Design/methodology/approach
An online choice experiment was conducted to determine consumers' evaluation of the blockchain-based traceability of Feta cheese with a quota sample of 715 Greek consumers. Pearson bivariate correlation and mean comparison were used to examine the relationship between consumer ethnocentrism and QR use behaviour. Random parameter logit models were employed to examine consumers’ valuation of the examined attributes and interaction terms.
Findings
The results show that ethnocentric consumers are willing to pay more for blockchain-based traceability information. Ethnocentric consumers tend to scan QR codes with traceability information.
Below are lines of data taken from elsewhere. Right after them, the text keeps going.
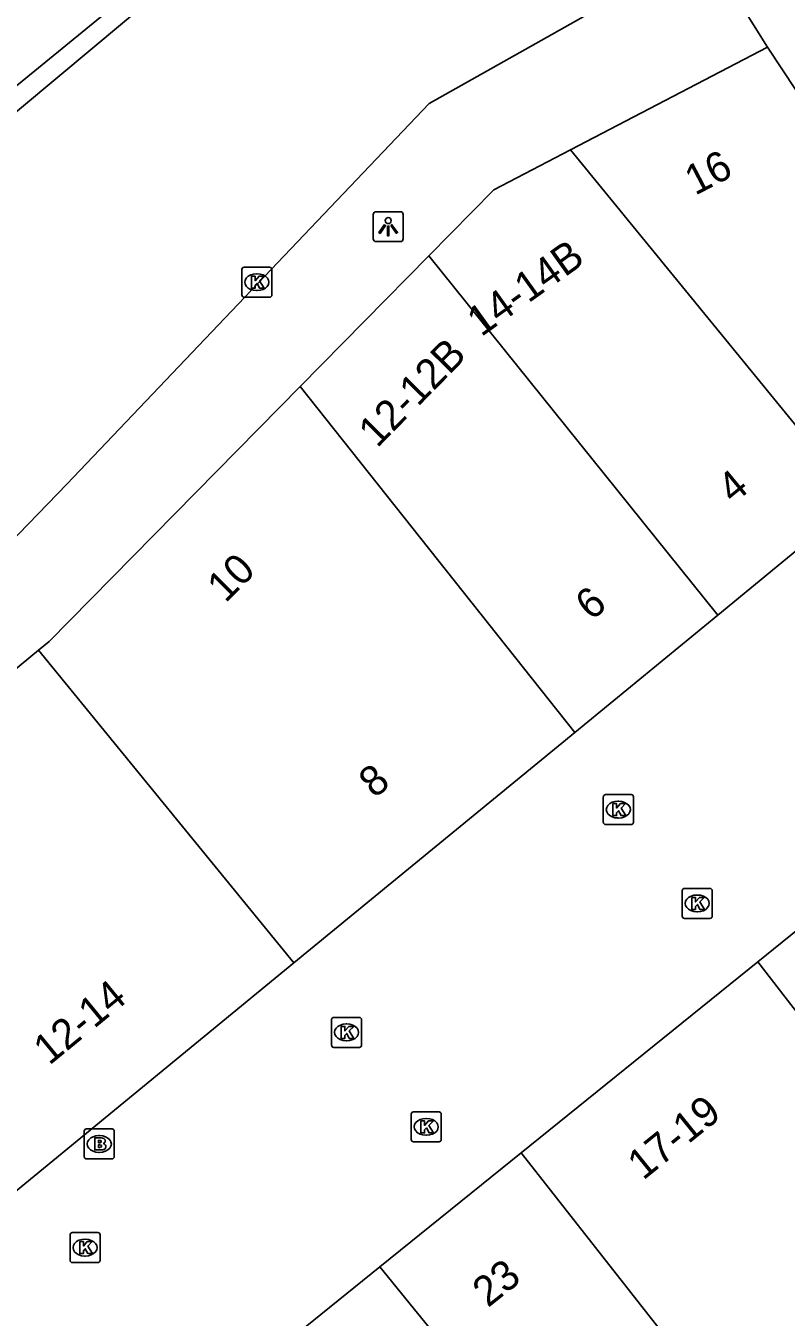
# Model space of a CAD drawing. Extents: x 161087 to 161922, y 382574 to 383873.
# Drawn here: x 161287.42 to 161312.74, y 383204.67 to 383247.72 of the extents above; entities that cross this region are included whole.
import ezdxf

# ---------------------------------------------------------------- set-up
doc = ezdxf.new("R2010")
doc.units = 0
for name, color, linetype in [('IMGEO_Brandkraan', 7, 'Continuous'), ('IMGEO_Kolk', 7, 'Continuous'), ('IMGEO_Lichtpunt', 7, 'Continuous'), ('IMGEO_Pand', 7, 'Continuous'), ('IMGEO_Pand_nummerreeks', 7, 'Continuous'), ('IMGEO_Rijbaan_lokaal_open', 7, 'Continuous')]:
    doc.layers.add(name, color=color, linetype=linetype)

msp = doc.modelspace()

# ---------------------------------------------------------------- linework, layer by layer
at = {"layer": 'IMGEO_Brandkraan'}
for p, q in [((161289.361, 383210.019), (161289.361, 383210.871)), ((161289.436, 383210.945), (161290.288, 383210.945)), ((161290.362, 383210.871), (161290.362, 383210.019)), ((161289.849, 383210.725), (161289.874, 383210.725)), ((161289.872, 383210.165), (161289.847, 383210.165)), ((161290.288, 383209.945), (161289.436, 383209.945))]:
    msp.add_line(p, q, dxfattribs=at)
for points in [[(161289.361, 383210.019), (161289.361, 383210.871)], [(161289.436, 383210.945), (161290.288, 383210.945)], [(161290.362, 383210.871), (161290.362, 383210.019)], [(161289.709, 383210.645), (161289.709, 383210.245), (161289.922, 383210.245)], [(161289.94, 383210.645), (161289.709, 383210.645)], [(161289.888, 383210.564), (161289.834, 383210.564), (161289.834, 383210.488)], [(161289.834, 383210.488), (161289.887, 383210.488)], [(161289.896, 383210.412), (161289.834, 383210.412), (161289.834, 383210.331)], [(161289.834, 383210.331), (161289.896, 383210.331)], [(161290.288, 383209.945), (161289.436, 383209.945)]]:
    msp.add_lwpolyline(points, dxfattribs=at)
for centre, radius, start, end in [((161289.438, 383210.869), 0.0765, 91.552, 178.448), ((161289.438, 383210.869), 0.0765, 91.552, 178.448), ((161290.286, 383210.869), 0.0765, 1.552, 88.448), ((161290.286, 383210.869), 0.0765, 1.552, 88.448), ((161289.889, 383210.526), 0.0379, 267.8285, 90.9355), ((161289.944, 383210.5), 0.145, 59.4692, 91.5367), ((161289.969, 383210.547), 0.0922, 285.5137, 58.1501), ((161289.974, 383210.355), 0.105, 301.3115, 78.989), ((161289.438, 383210.021), 0.0765, 181.552, 268.448), ((161289.438, 383210.021), 0.0765, 181.552, 268.448), ((161289.897, 383210.371), 0.0404, 269.8759, 90.5077), ((161289.928, 383210.496), 0.251, 268.6676, 293.5347), ((161290.286, 383210.021), 0.0765, 271.552, 358.448), ((161290.286, 383210.021), 0.0765, 271.552, 358.448)]:
    msp.add_arc(centre, radius, start, end, dxfattribs=at)
for centre, major_axis, ratio, start_param, end_param in [((161289.848, 383210.445), (-0.387, 0.002), 0.722429, 4.712389, 7.853982), ((161289.873, 383210.445), (-0.39, 0.002), 0.717154, 1.570796, 4.712389)]:
    msp.add_ellipse(centre, major_axis=major_axis, ratio=ratio, start_param=start_param, end_param=end_param, dxfattribs=at)
at = {"layer": 'IMGEO_Kolk'}
for p, q in [((161294.61, 383238.746), (161294.61, 383239.598)), ((161294.685, 383239.672), (161295.537, 383239.672)), ((161295.098, 383239.452), (161295.123, 383239.452)), ((161295.611, 383239.598), (161295.611, 383238.746)), ((161295.121, 383238.892), (161295.096, 383238.892)), ((161295.537, 383238.672), (161294.685, 383238.672)), ((161306.727, 383222.091), (161307.579, 383222.091)), ((161306.652, 383221.165), (161306.652, 383222.017)), ((161307.14, 383221.871), (161307.165, 383221.871)), ((161307.653, 383222.017), (161307.653, 383221.165)), ((161307.163, 383221.311), (161307.138, 383221.311)), ((161307.579, 383221.091), (161306.727, 383221.091)), ((161309.278, 383218.038), (161309.278, 383218.89)), ((161309.353, 383218.964), (161310.205, 383218.964)), ((161309.766, 383218.744), (161309.791, 383218.744)), ((161310.279, 383218.89), (161310.279, 383218.038)), ((161309.789, 383218.184), (161309.764, 383218.184)), ((161310.205, 383217.964), (161309.353, 383217.964)), ((161297.598, 383213.74), (161297.598, 383214.592)), ((161297.673, 383214.666), (161298.525, 383214.666)), ((161298.086, 383214.446), (161298.111, 383214.446)), ((161298.599, 383214.592), (161298.599, 383213.74)), ((161298.109, 383213.886), (161298.084, 383213.886)), ((161298.525, 383213.666), (161297.673, 383213.666)), ((161300.253, 383210.59), (161300.253, 383211.442)), ((161300.328, 383211.516), (161301.18, 383211.516)), ((161300.741, 383211.296), (161300.766, 383211.296)), ((161301.254, 383211.442), (161301.254, 383210.59)), ((161301.18, 383210.516), (161300.328, 383210.516)), ((161300.764, 383210.736), (161300.739, 383210.736)), ((161288.963, 383207.49), (161289.815, 383207.49)), ((161288.888, 383206.564), (161288.888, 383207.416)), ((161289.376, 383207.27), (161289.401, 383207.27)), ((161289.889, 383207.416), (161289.889, 383206.564)), ((161289.399, 383206.71), (161289.374, 383206.71)), ((161289.815, 383206.49), (161288.963, 383206.49))]:
    msp.add_line(p, q, dxfattribs=at)
for points in [[(161294.61, 383238.746), (161294.61, 383239.598)], [(161294.685, 383239.672), (161295.537, 383239.672)], [(161294.931, 383239.372), (161295.054, 383239.372), (161295.054, 383239.221), (161295.184, 383239.372), (161295.348, 383239.372), (161295.202, 383239.221), (161295.355, 383238.972), (161295.203, 383238.972), (161295.118, 383239.136), (161295.054, 383239.069), (161295.054, 383238.972), (161294.931, 383238.972), (161294.931, 383239.372)], [(161295.611, 383239.598), (161295.611, 383238.746)], [(161295.537, 383238.672), (161294.685, 383238.672)], [(161306.727, 383222.091), (161307.579, 383222.091)], [(161306.652, 383221.165), (161306.652, 383222.017)], [(161306.973, 383221.791), (161307.096, 383221.791), (161307.096, 383221.64), (161307.226, 383221.791), (161307.39, 383221.791), (161307.244, 383221.64), (161307.397, 383221.391), (161307.245, 383221.391), (161307.16, 383221.555), (161307.096, 383221.488), (161307.096, 383221.391), (161306.973, 383221.391), (161306.973, 383221.791)], [(161307.653, 383222.017), (161307.653, 383221.165)], [(161307.579, 383221.091), (161306.727, 383221.091)], [(161309.278, 383218.038), (161309.278, 383218.89)], [(161309.353, 383218.964), (161310.205, 383218.964)], [(161309.599, 383218.664), (161309.722, 383218.664), (161309.722, 383218.513), (161309.852, 383218.664), (161310.016, 383218.664), (161309.87, 383218.513), (161310.023, 383218.264), (161309.871, 383218.264), (161309.786, 383218.428), (161309.722, 383218.361), (161309.722, 383218.264), (161309.599, 383218.264), (161309.599, 383218.664)], [(161310.279, 383218.89), (161310.279, 383218.038)], [(161310.205, 383217.964), (161309.353, 383217.964)], [(161297.598, 383213.74), (161297.598, 383214.592)], [(161297.673, 383214.666), (161298.525, 383214.666)], [(161297.919, 383214.366), (161298.042, 383214.366), (161298.042, 383214.215), (161298.172, 383214.366), (161298.336, 383214.366), (161298.19, 383214.215), (161298.343, 383213.966), (161298.191, 383213.966), (161298.106, 383214.13), (161298.042, 383214.063), (161298.042, 383213.966), (161297.919, 383213.966), (161297.919, 383214.366)], [(161298.599, 383214.592), (161298.599, 383213.74)], [(161298.525, 383213.666), (161297.673, 383213.666)], [(161300.253, 383210.59), (161300.253, 383211.442)], [(161300.328, 383211.516), (161301.18, 383211.516)], [(161301.254, 383211.442), (161301.254, 383210.59)], [(161300.574, 383211.216), (161300.697, 383211.216), (161300.697, 383211.065), (161300.827, 383211.216), (161300.991, 383211.216), (161300.845, 383211.065), (161300.998, 383210.816), (161300.846, 383210.816), (161300.761, 383210.98), (161300.697, 383210.913), (161300.697, 383210.816), (161300.574, 383210.816), (161300.574, 383211.216)], [(161301.18, 383210.516), (161300.328, 383210.516)], [(161288.963, 383207.49), (161289.815, 383207.49)], [(161288.888, 383206.564), (161288.888, 383207.416)], [(161289.209, 383207.19), (161289.332, 383207.19), (161289.332, 383207.039), (161289.462, 383207.19), (161289.626, 383207.19), (161289.48, 383207.039), (161289.633, 383206.79), (161289.481, 383206.79), (161289.396, 383206.954), (161289.332, 383206.887), (161289.332, 383206.79), (161289.209, 383206.79), (161289.209, 383207.19)], [(161289.889, 383207.416), (161289.889, 383206.564)], [(161289.815, 383206.49), (161288.963, 383206.49)]]:
    msp.add_lwpolyline(points, dxfattribs=at)
for centre, start, end in [((161294.687, 383239.596), 91.552, 178.448), ((161294.687, 383239.596), 91.552, 178.448), ((161295.535, 383239.596), 1.552, 88.448), ((161295.535, 383239.596), 1.552, 88.448), ((161294.687, 383238.748), 181.552, 268.448), ((161294.687, 383238.748), 181.552, 268.448), ((161295.535, 383238.748), 271.552, 358.448), ((161295.535, 383238.748), 271.552, 358.448), ((161306.729, 383222.015), 91.552, 178.448), ((161306.729, 383222.015), 91.552, 178.448), ((161307.577, 383222.015), 1.552, 88.448), ((161307.577, 383222.015), 1.552, 88.448), ((161306.729, 383221.167), 181.552, 268.448), ((161306.729, 383221.167), 181.552, 268.448), ((161307.577, 383221.167), 271.552, 358.448), ((161307.577, 383221.167), 271.552, 358.448), ((161309.355, 383218.888), 91.552, 178.448), ((161309.355, 383218.888), 91.552, 178.448), ((161310.203, 383218.888), 1.552, 88.448), ((161310.203, 383218.888), 1.552, 88.448), ((161309.355, 383218.04), 181.552, 268.448), ((161309.355, 383218.04), 181.552, 268.448), ((161310.203, 383218.04), 271.552, 358.448), ((161310.203, 383218.04), 271.552, 358.448), ((161297.675, 383214.59), 91.552, 178.448), ((161297.675, 383214.59), 91.552, 178.448), ((161298.523, 383214.59), 1.552, 88.448), ((161298.523, 383214.59), 1.552, 88.448), ((161297.675, 383213.742), 181.552, 268.448), ((161297.675, 383213.742), 181.552, 268.448), ((161298.523, 383213.742), 271.552, 358.448), ((161298.523, 383213.742), 271.552, 358.448), ((161300.33, 383211.44), 91.552, 178.448), ((161300.33, 383211.44), 91.552, 178.448), ((161301.178, 383211.44), 1.552, 88.448), ((161301.178, 383211.44), 1.552, 88.448), ((161300.33, 383210.592), 181.552, 268.448), ((161300.33, 383210.592), 181.552, 268.448), ((161301.178, 383210.592), 271.552, 358.448), ((161301.178, 383210.592), 271.552, 358.448), ((161288.965, 383207.414), 91.552, 178.448), ((161288.965, 383207.414), 91.552, 178.448), ((161289.813, 383207.414), 1.552, 88.448), ((161289.813, 383207.414), 1.552, 88.448), ((161288.965, 383206.566), 181.552, 268.448), ((161288.965, 383206.566), 181.552, 268.448), ((161289.813, 383206.566), 271.552, 358.448), ((161289.813, 383206.566), 271.552, 358.448)]:
    msp.add_arc(centre, 0.0765, start, end, dxfattribs=at)
for centre, major_axis, ratio, start_param, end_param in [((161295.097, 383239.172), (-0.387, 0.002), 0.722429, 4.712389, 7.853982), ((161295.122, 383239.172), (-0.39, 0.002), 0.717154, 1.570796, 4.712389), ((161307.139, 383221.591), (-0.387, 0.002), 0.722429, 4.712389, 7.853982), ((161307.164, 383221.591), (-0.39, 0.002), 0.717154, 1.570796, 4.712389), ((161309.765, 383218.464), (-0.387, 0.002), 0.722429, 4.712389, 7.853982), ((161309.79, 383218.464), (-0.39, 0.002), 0.717154, 1.570796, 4.712389), ((161298.085, 383214.166), (-0.387, 0.002), 0.722429, 4.712389, 7.853982), ((161298.11, 383214.166), (-0.39, 0.002), 0.717154, 1.570796, 4.712389), ((161300.74, 383211.016), (-0.387, 0.002), 0.722429, 4.712389, 7.853982), ((161300.765, 383211.016), (-0.39, 0.002), 0.717154, 1.570796, 4.712389), ((161289.375, 383206.99), (-0.387, 0.002), 0.722429, 4.712389, 7.853982), ((161289.4, 383206.99), (-0.39, 0.002), 0.717154, 1.570796, 4.712389)]:
    msp.add_ellipse(centre, major_axis=major_axis, ratio=ratio, start_param=start_param, end_param=end_param, dxfattribs=at)
at = {"layer": 'IMGEO_Lichtpunt'}
for p, q in [((161298.988, 383241.427), (161298.988, 383240.62)), ((161298.988, 383241.427), (161298.988, 383240.62)), ((161299.89, 383241.522), (161299.082, 383241.522)), ((161299.89, 383241.522), (161299.082, 383241.522)), ((161299.984, 383240.62), (161299.984, 383241.427)), ((161299.984, 383240.62), (161299.984, 383241.427)), ((161299.082, 383240.526), (161299.89, 383240.526)), ((161299.082, 383240.526), (161299.89, 383240.526))]:
    msp.add_line(p, q, dxfattribs=at)
for points in [[(161299.362, 383241.091), (161299.401, 383241.063), (161299.213, 383240.801), (161299.175, 383240.828), (161299.362, 383241.091)], [(161299.464, 383241.043), (161299.511, 383241.043), (161299.511, 383240.721), (161299.464, 383240.721), (161299.464, 383241.043)], [(161299.574, 383241.063), (161299.612, 383241.09), (161299.799, 383240.828), (161299.76, 383240.8), (161299.574, 383241.063)]]:
    msp.add_lwpolyline(points, dxfattribs=at)
msp.add_circle((161299.487, 383241.225), 0.0994, dxfattribs=at)
for centre, start, end in [((161299.082, 383241.427), 90, 180), ((161299.082, 383241.427), 90, 180), ((161299.89, 383241.427), 0, 90), ((161299.89, 383241.427), 0, 90), ((161299.082, 383240.62), 180, 270), ((161299.082, 383240.62), 180, 270), ((161299.89, 383240.62), 270, 0), ((161299.89, 383240.62), 270, 360)]:
    msp.add_arc(centre, 0.0946, start, end, dxfattribs=at)
at = {"layer": 'IMGEO_Pand'}
for points in [[(161266.512, 383256.607), (161271.94, 383250), (161280.128, 383240.033), (161292.322, 383250), (161295.662, 383252.735), (161295.566, 383252.858)], [(161312.123, 383247.006), (161310.253, 383250), (161310.112, 383250.225)], [(161305.563, 383243.587), (161312.123, 383247.006)], [(161312.123, 383247.006), (161319.646, 383235.614)], [(161300.84, 383240.054), (161303.002, 383242.252), (161305.563, 383243.587)], [(161315.113, 383231.891), (161305.563, 383243.587)], [(161296.555, 383235.698), (161300.84, 383240.054)], [(161300.84, 383240.054), (161310.467, 383228.075)], [(161287.835, 383226.901), (161288.194, 383227.198), (161296.555, 383235.698)], [(161305.708, 383224.167), (161296.555, 383235.698)], [(161315.113, 383231.891), (161310.467, 383228.075)], [(161310.467, 383228.075), (161305.708, 383224.167)], [(161278.554, 383219.225), (161287.835, 383226.901)], [(161296.347, 383216.479), (161287.835, 383226.901)], [(161305.708, 383224.167), (161296.347, 383216.479)], [(161311.795, 383216.512), (161316.379, 383220.214)], [(161296.347, 383216.479), (161287.067, 383208.859)], [(161303.92, 383210.151), (161311.795, 383216.512)], [(161319.648, 383206.366), (161311.795, 383216.512)], [(161299.212, 383206.349), (161303.92, 383210.151)], [(161303.92, 383210.151), (161317.469, 383192.869)], [(161293.29, 383200.927), (161296.791, 383203.457), (161296.427, 383204.1), (161299.212, 383206.349)], [(161311.175, 383191.61), (161299.212, 383206.349)]]:
    msp.add_lwpolyline(points, dxfattribs=at)
at = {"layer": 'IMGEO_Rijbaan_lokaal_open'}
for points in [[(161280.53, 383239.376), (161303.081, 383258.223)], [(161309.284, 383249.89), (161300.851, 383245.131), (161288.786, 383232.437), (161285.571, 383229.125), (161272.41, 383218.205)]]:
    msp.add_lwpolyline(points, dxfattribs=at)

# ---------------------------------------------------------------- texts
at = {"layer": 'IMGEO_Pand_nummerreeks'}
for s, rotation, p in [('16', 27.5292, (161309.708, 383242.048)), ('14-14B', 35.572, (161302.583, 383237.334)), ('12-12B', 45.472, (161299.116, 383233.624)), ('4', 39.398, (161310.981, 383231.758)), ('10', 45.099, (161294.067, 383228.46)), ('6', 39.8414, (161306.256, 383227.864)), ('8', 39.3946, (161299.032, 383221.946)), ('12-14', 39.3946, (161288.195, 383213.046)), ('17-19', 38.926, (161307.978, 383209.214)), ('23', 38.6598, (161302.81, 383204.97))]:
    msp.add_text(s, height=1, rotation=rotation, dxfattribs=at).set_placement(p)

doc.saveas('drawing.dxf')

Spending more time reading traceability information embedded in QR codes does not lead to a higher willingness-to-pay (WTP) for traceable food products.
Practical implications
The findings suggest that patriotic marketing messages can draw consumers' attention to blockchain-based traceability information. The modest WTP for and low familiarity with blockchain-based traceability systems raise the need for educating consumers regarding the benefits of blockchain in traceability systems.
Originality/value
This is the first study to provide timely empirical evidence of a positive WTP for blockchain-based traceability information for a processed dairy product. This study is the first to attempt to distinguish the effects of the intention to scan QR codes and reading information embedded in QR codes on consumers’ valuation of food attributes.